** Instructions for the task **
Copy out every line of the records in which "dzialki" can be found.

(Stored records)
------------------------------------------------------------
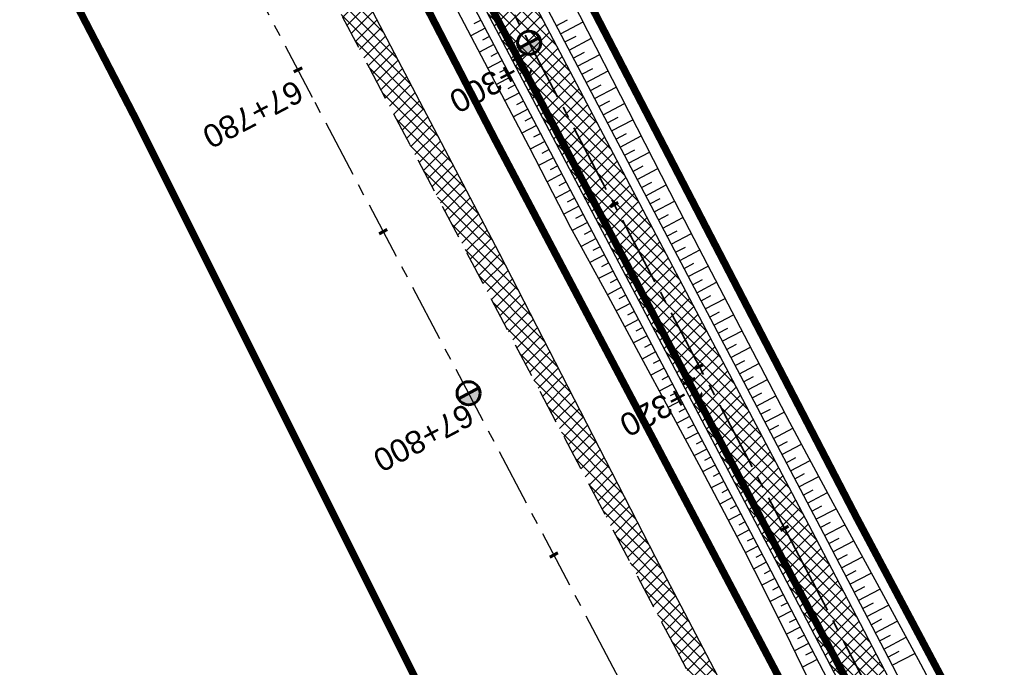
# Model space of a CAD drawing. Header units: metres. Extents: x 7529682 to 7533751, y 5721195 to 5727842.
# Tile 123 of 179: x 7530297 to 7530351, y 5726615 to 5726651. Entities that reach past the tile are written whole.
import ezdxf

# ---------------------------------------------------------------- set-up
doc = ezdxf.new("R2010")
doc.units = ezdxf.units.M
for name, pattern in [('817-dzialki-09-05-04$0$HIDDEN', [0.375, 0.25, -0.125]), ('ACAD_ISO05W100', [33, 24, -3, 0, -3, 0, -3]), ('CENTER', [50.8, 31.75, -6.35, 6.35, -6.35]), ('CENTER2', [28.575, 19.05, -3.175, 3.175, -3.175]), ('HIDDEN', [9.525, 6.35, -3.175])]:
    doc.linetypes.add(name, pattern=pattern)
for name, color, linetype in [('C-DROGI-SYTUACJA', 7, 'Continuous'), ('C-DROGI-SYTUACJA-ETYKIETY', 7, 'Continuous'), ('D-hatch-pobocza', 131, 'Continuous'), ('D-pobocza', 60, 'Continuous'), ('D-rowy', 160, 'Continuous'), ('D-skarpa', 2, 'Continuous'), ('D-skarpa-kreskowanie', 2, 'Continuous')]:
    doc.layers.add(name, color=color, linetype=linetype)
for name, color, linetype, lineweight, true_color in [('D-ewidencja-numery', 7, 'Continuous', 50, 0x40ff00), ('D-hatch-ciag-pieszo-rowerowy', 7, 'Continuous', 13, 0xff9f80), ('D-LR-etap-III', 7, '817-dzialki-09-05-04$0$HIDDEN', 50, 0x00008f)]:
    doc.layers.add(name, color=color, linetype=linetype, lineweight=lineweight, true_color=true_color)
for name, color, linetype, lineweight in [('D-krawędzie', 3, 'Continuous', 30), ('D-obrzeża', 2, 'Continuous', 30), ('D-oś', 10, 'CENTER', 30), ('D-pas-drogowy', 7, 'ACAD_ISO05W100', 50)]:
    doc.layers.add(name, color=color, linetype=linetype, lineweight=lineweight)
doc.layers.add('poprzeczki', color=7, linetype='Continuous', true_color=0x0000c7)
doc.styles.get("Standard").update_dxf_attribs({"font": 'arial.ttf'})
pattern_1 = [(45, (0, 0), (-0.33675960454, 0.33675960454), []), (135, (0, 0), (-0.33675960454, -0.33675960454), [])]

# ---------------------------------------------------------------- blocks, each defined once
blk = doc.blocks.new('kilometraz')
at = {"linetype": 'ByBlock', "lineweight": -2}
blk.add_hatch(color=0, dxfattribs=at).paths.add_polyline_path([(0, -0.28125, 0.41421356), (0.28125, 0, 0.41421356), (0, 0.28125)])
at = {"color": 0, "linetype": 'ByBlock', "lineweight": -2}
blk.add_line((0, 0.28125), (0, -0.28125), dxfattribs=at)
blk.add_circle((0, 0), 0.28125, dxfattribs=at)
blk = doc.blocks.new('AeccTickLine')
at = {"color": 0, "linetype": 'ByBlock', "lineweight": -2}
blk.add_line((0, 1), (0, -1), dxfattribs=at)

msp = doc.modelspace()

# ---------------------------------------------------------------- hatches: boundary and pattern name
at = {"layer": 'D-hatch-ciag-pieszo-rowerowy'}
h = msp.add_hatch(dxfattribs=at)
h.set_pattern_fill('ANSI37', color=256, scale=0.15, style=0)
h.set_pattern_definition(pattern_1)
h.paths.add_polyline_path([(7530324.387, 5726654.066), (7530322.193, 5726652.869), (7530338.815, 5726621.306), (7530355.736, 5726588.901), (7530368.841, 5726564.244), (7530371.746, 5726564.106), (7530357.948, 5726590.066), (7530341.029, 5726622.467)])
at = {"layer": 'D-hatch-pobocza'}
h = msp.add_hatch(dxfattribs=at)
h.set_pattern_fill('ANSI37', color=256, scale=0.15, style=0)
h.set_pattern_definition(pattern_1)
h.paths.add_polyline_path([(7530484.05, 5726334.34), (7530471.92, 5726357.11), (7530458.95, 5726381.07), (7530447.57, 5726403.23), (7530435.55, 5726425.46), (7530424.34, 5726446.96), (7530408.22, 5726477.68), (7530396.72, 5726499.26), (7530381.74, 5726527.87), (7530371.44, 5726547.5), (7530359.58, 5726569.81), (7530349.42, 5726588.72), (7530332.29, 5726621.37), (7530323.72, 5726638.05), (7530306.54, 5726670.82), (7530298.56, 5726686.33), (7530287.26, 5726707.54), (7530284.291, 5726713.261), (7530282.67, 5726712.404), (7530284.501, 5726708.94), (7530291.376, 5726695.94), (7530296.046, 5726687.107), (7530304.464, 5726671.187), (7530316.604, 5726648.181), (7530333.058, 5726617.014), (7530350.004, 5726585.006), (7530367.258, 5726552.316), (7530385.763, 5726517.235), (7530404.054, 5726482.546), (7530421.087, 5726450.182), (7530442.442, 5726409.661), (7530463.421, 5726369.85), (7530489.269, 5726320.828), (7530506.412, 5726288.291), (7530524.315, 5726254.784), (7530540.549, 5726224.891), (7530548.273, 5726210.669), (7530551.697, 5726207.035), (7530543.21, 5726222.9), (7530538.34, 5726232.11), (7530533.7, 5726240.35), (7530511.95, 5726280.97), (7530499.24, 5726305.31)])

# ---------------------------------------------------------------- linework, layer by layer
at = {"layer": 'C-DROGI-SYTUACJA', "color": 10, "linetype": 'CENTER2', "lineweight": 35, "ltscale": 0.2}
msp.add_lwpolyline([(7530272.969, 5726756.475), (7530281.424, 5726740.504, -0.065084), (7530284.142, 5726733.217), (7530284.891, 5726729.972, 0.064463), (7530289.362, 5726717.937), (7530322.484, 5726654.998), (7530339.922, 5726621.886), (7530356.842, 5726589.483), (7530379.806, 5726546.279), (7530402.949, 5726502.005), (7530424.44, 5726461.025), (7530444.82, 5726422.144)], format="xyb", dxfattribs=at)
at = {"layer": 'D-ewidencja-numery', "color": 12, "ltscale": 15, "true_color": 0xc70000}
msp.add_lwpolyline([(7530277.51, 5726760.213), (7530286.037, 5726744.107), (7530288.097, 5726735.884), (7530290.394, 5726725.047), (7530296.177, 5726713.583), (7530302.726, 5726701.182), (7530325.685, 5726657.466), (7530343.244, 5726623.649), (7530360.23, 5726591.747), (7530383.209, 5726548.059), (7530406.018, 5726503.606), (7530427.465, 5726462.62), (7530447.928, 5726424.388)], dxfattribs=at)
at = {"layer": 'D-krawędzie', "linetype": 'HIDDEN', "ltscale": 0.3}
msp.add_lwpolyline([(7530263.782, 5726749.287), (7530270.196, 5726737.096), (7530272.433, 5726732.819), (7530276.009, 5726725.598), (7530279.7, 5726718.02), (7530284.501, 5726708.94), (7530291.376, 5726695.94), (7530296.046, 5726687.107), (7530304.464, 5726671.187), (7530316.604, 5726648.181), (7530333.058, 5726617.014), (7530350.004, 5726585.006), (7530367.258, 5726552.316), (7530385.763, 5726517.235), (7530404.054, 5726482.546), (7530421.087, 5726450.182), (7530442.442, 5726409.661), (7530463.421, 5726369.85), (7530489.269, 5726320.828), (7530506.412, 5726288.291), (7530524.315, 5726254.784), (7530540.549, 5726224.891), (7530548.24, 5726210.73)], dxfattribs=at)
at = {"layer": 'D-LR-etap-III', "ltscale": 10, "flags": 128}
msp.add_lwpolyline([(7531750.474, 5723895.103, 0.4, 0.4, 0), (7531750.505, 5723895.13, 0.4, 0.4, 0), (7531682.71, 5724022.92, 0.4, 0.4, 0), (7531619.177, 5724147.204, 0.4, 0.4, 0), (7531592.309, 5724198.489, 0.4, 0.4, 0), (7531553.264, 5724272.919, 0.4, 0.4, 0), (7531504.02, 5724366.79, 0.4, 0.4, 0), (7531482.09, 5724407.62, 0.4, 0.4, 0), (7531412.35, 5724541.183, 0.4, 0.4, 0), (7531388.464, 5724586.93, 0.4, 0.4, 0), (7531345.12, 5724669.94, 0.4, 0.4, 0), (7531127.66, 5725081.67, 0.4, 0.4, 0), (7531059.253, 5725211.041, 0.4, 0.4, 0), (7531008.007, 5725307.954, 0.4, 0.4, 0), (7530964.182, 5725390.836, 0.4, 0.4, 0), (7530914.557, 5725484.684, 0.4, 0.4, 0), (7530865.243, 5725577.494, 0.4, 0.4, 0), (7530840.085, 5725624.059, 0.4, 0.4, 0), (7530802.56, 5725694.925, 0.4, 0.4, 0), (7530755.54, 5725787.51, 0.4, 0.4, 0), (7530708.718, 5725876.303, 0.4, 0.4, 0), (7530695.12, 5725902.09, 0.4, 0.4, 0), (7530642.914, 5726001.078, 0.4, 0.4, 0), (7530634.935, 5726016.147, 0.4, 0.4, 0), (7530610.82, 5726061.93, 0.4, 0.4, 0), (7530610.82, 5726061.93, 0.4, 0.4, 0), (7530607.21, 5726063.51, 0.4, 0.4, 0), (7530597.42, 5726080.68, 0.4, 0.4, 0), (7530591.16, 5726088.44, 0.4, 0.4, 0), (7530581.28, 5726107.21, 0.4, 0.4, 0), (7530571.29, 5726130.56, 0.4, 0.4, 0), (7530549.555, 5726171.527, 0.4, 0.4, 0), (7530531.014, 5726206.474, 0.4, 0.4, 0), (7530516.461, 5726236.017, 0.4, 0.4, 0), (7530500.799, 5726266.141, 0.4, 0.4, 0), (7530491.35, 5726283.94, 0.4, 0.4, 0), (7530482.4, 5726303.41, 0.4, 0.4, 0), (7530482.4, 5726303.41, 0.4, 0.4, 0), (7530450.41, 5726357.28, 0.4, 0.4, 0), (7530397.759, 5726458.5, 0.4, 0.4, 0), (7530334.708, 5726583.665, 0.4, 0.4, 0), (7530303.939, 5726645.168, 0.4, 0.4, 0), (7530300.51, 5726651.778, 0.4, 0.4, 0), (7530289.214, 5726671.967, 0.4, 0.4, 0), (7530281.54, 5726685.57, 0.4, 0.4, 0), (7530261.371, 5726724.163, 0.4, 0.4, 0), (7530254.03, 5726738.21, 0.4, 0.4, 0), (7530197.22, 5726845.06, 0.4, 0.4, 0), (7530194.71, 5726849.15, 0.4, 0.4, 0), (7530195.92, 5726850.75, 0.4, 0.4, 0), (7530170.547, 5726892.961, 0.4, 0.4, 0), (7530143.175, 5726945.066, 0.4, 0.4, 0), (7530105.06, 5727018.32, 0.4, 0.4, 0), (7530100.06, 5727027.16, 0.4, 0.4, 0), (7530062.319, 5727099.625, 0.4, 0.4, 0), (7530015.379, 5727189.42, 0.4, 0.4, 0), (7529983.208, 5727250.207, 0.4, 0.4, 0), (7529953.284, 5727306.747, 0.4, 0.4, 0), (7529900.671, 5727406.159, 0.4, 0.4, 0), (7529890.63, 5727425.131, 0.4, 0.4, 0), (7529875.155, 5727454.426, 0.4, 0.4, 0), (7529857.56, 5727487.787, 0.4, 0.4, 0), (7529835.194, 5727530.193, 0.4, 0.4, 0), (7529811.741, 5727574.662, 0.4, 0.4, 0), (7529792.102, 5727611.923, 0.4, 0.4, 0), (7529768.066, 5727657.47, 0.4, 0.4, 0), (7529755.211, 5727682.131, 0.4, 0.4, 0), (7529753.31, 5727681.13, 0.4, 0.4, 0), (7529739.21, 5727707.77, 0.4, 0.4, 0), (7529735.395, 5727711.252, 0.4, 0.4, 0), (7529725.42, 5727730.2, 0.4, 0.4, 0), (7529723.55, 5727729.88, 0.4, 0.4, 0), (7529695.567, 5727782.932, 0.4, 0.4, 0), (7529717.68, 5727794.024, 0.4, 0.4, 0), (7529736.275, 5727758.647, 0.4, 0.4, 0), (7529736.275, 5727758.647, 0.4, 0.4, 0), (7529744.511, 5727750.406, 0.4, 0.4, 0), (7529744.511, 5727750.406, 0.4, 0.4, 0), (7529750.283, 5727738.55, 0.4, 0.4, 0), (7529777.109, 5727687.569, 0.4, 0.4, 0), (7529796.515, 5727651.33, 0.4, 0.4, 0), (7529814.938, 5727616.793, 0.4, 0.4, 0), (7529839.007, 5727572.304, 0.4, 0.4, 0), (7529860.618, 5727532.509, 0.4, 0.4, 0), (7529882.349, 5727491.504, 0.4, 0.4, 0), (7529904.865, 5727449.096, 0.4, 0.4, 0), (7529920.747, 5727418.885, 0.4, 0.4, 0), (7529946.677, 5727368.547, 0.4, 0.4, 0), (7529972.025, 5727320.573, 0.4, 0.4, 0), (7529987.74, 5727290.153, 0.4, 0.4, 0), (7529996.497, 5727273.662, 0.4, 0.4, 0), (7530017.541, 5727234.203, 0.4, 0.4, 0), (7530033.054, 5727204.864, 0.4, 0.4, 0), (7530051.623, 5727170.223, 0.4, 0.4, 0), (7530069.277, 5727137.016, 0.4, 0.4, 0), (7530089.385, 5727097.534, 0.4, 0.4, 0), (7530109.713, 5727060.747, 0.4, 0.4, 0), (7530136.77, 5727011.64, 0.4, 0.4, 0), (7530162.447, 5726962.744, 0.4, 0.4, 0), (7530187.674, 5726916.992, 0.4, 0.4, 0), (7530207.821, 5726879.335, 0.4, 0.4, 0), (7530230.626, 5726834.519, 0.4, 0.4, 0), (7530262.288, 5726776.618, 0.4, 0.4, 0), (7530277.51, 5726760.213, 0.4, 0.4, 0), (7530286.037, 5726744.107, 0.4, 0.4, 0), (7530288.097, 5726735.884, 0.4, 0.4, 0), (7530290.394, 5726725.047, 0.4, 0.4, 0), (7530296.177, 5726713.583, 0.4, 0.4, 0), (7530302.726, 5726701.182, 0.4, 0.4, 0), (7530325.685, 5726657.466, 0.4, 0.4, 0), (7530343.244, 5726623.649, 0.4, 0.4, 0), (7530360.23, 5726591.747, 0.4, 0.4, 0), (7530383.209, 5726548.059, 0.4, 0.4, 0), (7530406.018, 5726503.606, 0.4, 0.4, 0), (7530427.465, 5726462.62, 0.4, 0.4, 0), (7530447.928, 5726424.388, 0.4, 0.4, 0), (7530471.127, 5726379.921, 0.4, 0.4, 0), (7530490.501, 5726343.033, 0.4, 0.4, 0), (7530509.499, 5726306.733, 0.4, 0.4, 0), (7530529.89, 5726267.244, 0.4, 0.4, 0), (7530543.852, 5726238.99, 0.4, 0.4, 0), (7530554.809, 5726218.944, 0.4, 0.4, 0), (7530559.027, 5726212.223, 0.4, 0.4, 0), (7530563.061, 5726206.41, 0.4, 0.4, 0), (7530566.934, 5726200.464, 0.4, 0.4, 0), (7530569.771, 5726194.902, 0.4, 0.4, 0), (7530571.473, 5726191.282, 0.4, 0.4, 0), (7530572.839, 5726188.025, 0.4, 0.4, 0), (7530575.295, 5726182.035, 0.4, 0.4, 0), (7530579.737, 5726173.306, 0.4, 0.4, 0), (7530583.3, 5726167.41, 0.4, 0.4, 0), (7530593.4, 5726163.33, 0.4, 0.4, 0), (7530598.618, 5726155.264, 0.4, 0.4, 0), (7530608.258, 5726140.497, 0.4, 0.4, 0), (7530603.27, 5726136.83, 0.4, 0.4, 0), (7530606.53, 5726131.84, 0.4, 0.4, 0), (7530604.239, 5726124.217, 0.4, 0.4, 0), (7530605.847, 5726121.63, 0.4, 0.4, 0), (7530608.972, 5726116.164, 0.4, 0.4, 0), (7530618.114, 5726097.791, 0.4, 0.4, 0), (7530651.213, 5726034.96, 0.4, 0.4, 0), (7530670.244, 5725998.611, 0.4, 0.4, 0), (7530698.075, 5725945.953, 0.4, 0.4, 0), (7530716.506, 5725911.305, 0.4, 0.4, 0), (7530735.223, 5725875.667, 0.4, 0.4, 0), (7530752.504, 5725842.155, 0.4, 0.4, 0), (7530778.311, 5725793.501, 0.4, 0.4, 0), (7530797.5, 5725756.382, 0.4, 0.4, 0), (7530812.519, 5725728.289, 0.4, 0.4, 0), (7530820.039, 5725713.16, 0.4, 0.4, 0), (7530822.422, 5725710.194, 0.4, 0.4, 0), (7530833.155, 5725688.801, 0.4, 0.4, 0), (7530849.629, 5725656.159, 0.4, 0.4, 0), (7530867.983, 5725621.964, 0.4, 0.4, 0), (7530872.63, 5725612.888, 0.4, 0.4, 0), (7530880.354, 5725597.595, 0.4, 0.4, 0), (7530883.839, 5725593.389, 0.4, 0.4, 0), (7530891.782, 5725587.763, 0.4, 0.4, 0), (7530895.039, 5725584.281, 0.4, 0.4, 0), (7530897.034, 5725580.941, 0.4, 0.4, 0), (7530900.952, 5725579.946, 0.4, 0.4, 0), (7530904.81, 5725571.977, 0.4, 0.4, 0), (7530903.682, 5725568.566, 0.4, 0.4, 0), (7530908.901, 5725558.845, 0.4, 0.4, 0), (7530910.252, 5725545.672, 0.4, 0.4, 0), (7530912.873, 5725538.646, 0.4, 0.4, 0), (7530945.278, 5725478.464, 0.4, 0.4, 0), (7530959.692, 5725450.246, 0.4, 0.4, 0), (7531002.827, 5725368.192, 0.4, 0.4, 0), (7531044.704, 5725290.314, 0.4, 0.4, 0), (7531064.099, 5725253.213, 0.4, 0.4, 0), (7531083.01, 5725216.678, 0.4, 0.4, 0), (7531113.013, 5725158.466, 0.4, 0.4, 0), (7531137.364, 5725113.071, 0.4, 0.4, 0), (7531150.831, 5725086.712, 0.4, 0.4, 0), (7531159.746, 5725076.641, 0.4, 0.4, 0), (7531166.31, 5725074.58, 0.4, 0.4, 0), (7531172.29, 5725062.58, 0.4, 0.4, 0), (7531170.59, 5725055.606, 0.4, 0.4, 0), (7531173.733, 5725044.081, 0.4, 0.4, 0), (7531215.342, 5724964.86, 0.4, 0.4, 0), (7531238.054, 5724921.685, 0.4, 0.4, 0), (7531262.39, 5724875.283, 0.4, 0.4, 0), (7531295.587, 5724811.266, 0.4, 0.4, 0), (7531348.488, 5724712.363, 0.4, 0.4, 0), (7531363.741, 5724682.684, 0.4, 0.4, 0), (7531366.987, 5724675.865, 0.4, 0.4, 0), (7531382.541, 5724646.111, 0.4, 0.4, 0), (7531401.299, 5724610.875, 0.4, 0.4, 0), (7531428.965, 5724558.862, 0.4, 0.4, 0), (7531449.111, 5724520.398, 0.4, 0.4, 0), (7531477.293, 5724465.831, 0.4, 0.4, 0), (7531500.996, 5724421.113, 0.4, 0.4, 0), (7531512.122, 5724400.549, 0.4, 0.4, 0), (7531513.782, 5724396.757, 0.4, 0.4, 0), (7531526.32, 5724379.39, 0.4, 0.4, 0), (7531566.784, 5724302.736, 0.4, 0.4, 0), (7531612.277, 5724225.61, 0.4, 0.4, 0), (7531620.493, 5724210.548, 0.4, 0.4, 0), (7531631.578, 5724196.258, 0.4, 0.4, 0), (7531653.484, 5724152.434, 0.4, 0.4, 0), (7531661.151, 5724128.494, 0.4, 0.4, 0), (7531673.881, 5724101.186, 0.4, 0.4, 0), (7531684.691, 5724081.184, 0.4, 0.4, 0), (7531699.212, 5724051.17, 0.4, 0.4, 0), (7531704.034, 5724040.584, 0.4, 0.4, 0), (7531704.034, 5724040.584, 0.4, 0.4, 0), (7531703.913, 5724037.17, 0.4, 0.4, 0), (7531736.42, 5723969.232, 0.4, 0.4, 0), (7531738.285, 5723967.699, 0.4, 0.4, 0), (7531742.181, 5723962.346, 0.4, 0.4, 0), (7531744.286, 5723958.616, 0.4, 0.4, 0), (7531755.393, 5723944.193, 0.4, 0.4, 0), (7531758.69, 5723936.76, 0.4, 0.4, 0), (7531780.08, 5723929.25, 0.4, 0.4, 0), (7531792.612, 5723906.338, 0.4, 0.4, 0), (7531792.612, 5723906.338, 0.4, 0.4, 0), (7531756.962, 5723883.055, 0.4, 0.4, 0), (7531750.46, 5723895.13, 0.4, 0.4, 0), (7531750.46, 5723895.13, 0, 0, 0)], format="xyseb", dxfattribs=at)
at = {"layer": 'D-obrzeża'}
for points in [[(7530323.59, 5726655.581), (7530341.029, 5726622.467), (7530357.948, 5726590.066), (7530380.911, 5726546.861), (7530404.057, 5726502.584), (7530425.547, 5726461.605), (7530445.927, 5726422.724)], [(7530321.378, 5726654.416), (7530338.815, 5726621.306), (7530355.736, 5726588.901), (7530378.7, 5726545.696), (7530401.842, 5726501.425), (7530423.333, 5726460.444), (7530443.712, 5726421.565)]]:
    msp.add_lwpolyline(points, dxfattribs=at)
at = {"layer": 'D-oś', "ltscale": 0.1}
msp.add_lwpolyline([(7530594.845, 5726110.895), (7530540.21, 5726214.45), (7530503.32, 5726286.651), (7530486.173, 5726319.196), (7530460.325, 5726368.218), (7530439.346, 5726408.03), (7530417.989, 5726448.552), (7530400.958, 5726480.914), (7530382.667, 5726515.602), (7530364.162, 5726550.682), (7530346.91, 5726583.371), (7530329.964, 5726615.378), (7530313.508, 5726646.548), (7530301.37, 5726669.551), (7530292.952, 5726685.471), (7530288.281, 5726694.304), (7530281.407, 5726707.304), (7530276.579, 5726716.435), (7530272.867, 5726724.055), (7530269.314, 5726731.231), (7530267.097, 5726735.47), (7530260.688, 5726747.65), (7530256.664, 5726755.22)], dxfattribs=at)
at = {"layer": 'D-pas-drogowy', "ltscale": 0.2, "flags": 128}
msp.add_lwpolyline([(7531633.019, 5724182.834, 0.4, 0.4, 0), (7531617.559, 5724211.608, 0.4, 0.4, 0), (7531566.784, 5724302.736, 0.4, 0.4, 0), (7531538.419, 5724356.47, 0.4, 0.4, 0), (7531526.32, 5724379.39, 0.4, 0.4, 0), (7531516.102, 5724393.607, 0.4, 0.4, 0.001485), (7531513.78, 5724396.838, 0.4, 0.4, 0), (7531501.87, 5724413.41, 0.4, 0.4, 0), (7531474.926, 5724464.508, 0.4, 0.4, 0), (7531446.2, 5724518.992, 0.4, 0.4, 0), (7531424.962, 5724559.262, 0.4, 0.4, 0), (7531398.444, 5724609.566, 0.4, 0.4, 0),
------------------------------------------------------------
** Your response **
for name, pattern in [('817-dzialki-09-05-04$0$HIDDEN', [0.375, 0.25, -0.125]), ('ACAD_ISO05W100', [33, 24, -3, 0, -3, 0, -3]), ('CENTER', [50.8, 31.75, -6.35, 6.35, -6.35]), ('CENTER2', [28.575, 19.05, -3.175, 3.175, -3.175]), ('HIDDEN', [9.525, 6.35, -3.175])]:
for name, color, linetype, lineweight, true_color in [('D-ewidencja-numery', 7, 'Continuous', 50, 0x40ff00), ('D-hatch-ciag-pieszo-rowerowy', 7, 'Continuous', 13, 0xff9f80), ('D-LR-etap-III', 7, '817-dzialki-09-05-04$0$HIDDEN', 50, 0x00008f)]:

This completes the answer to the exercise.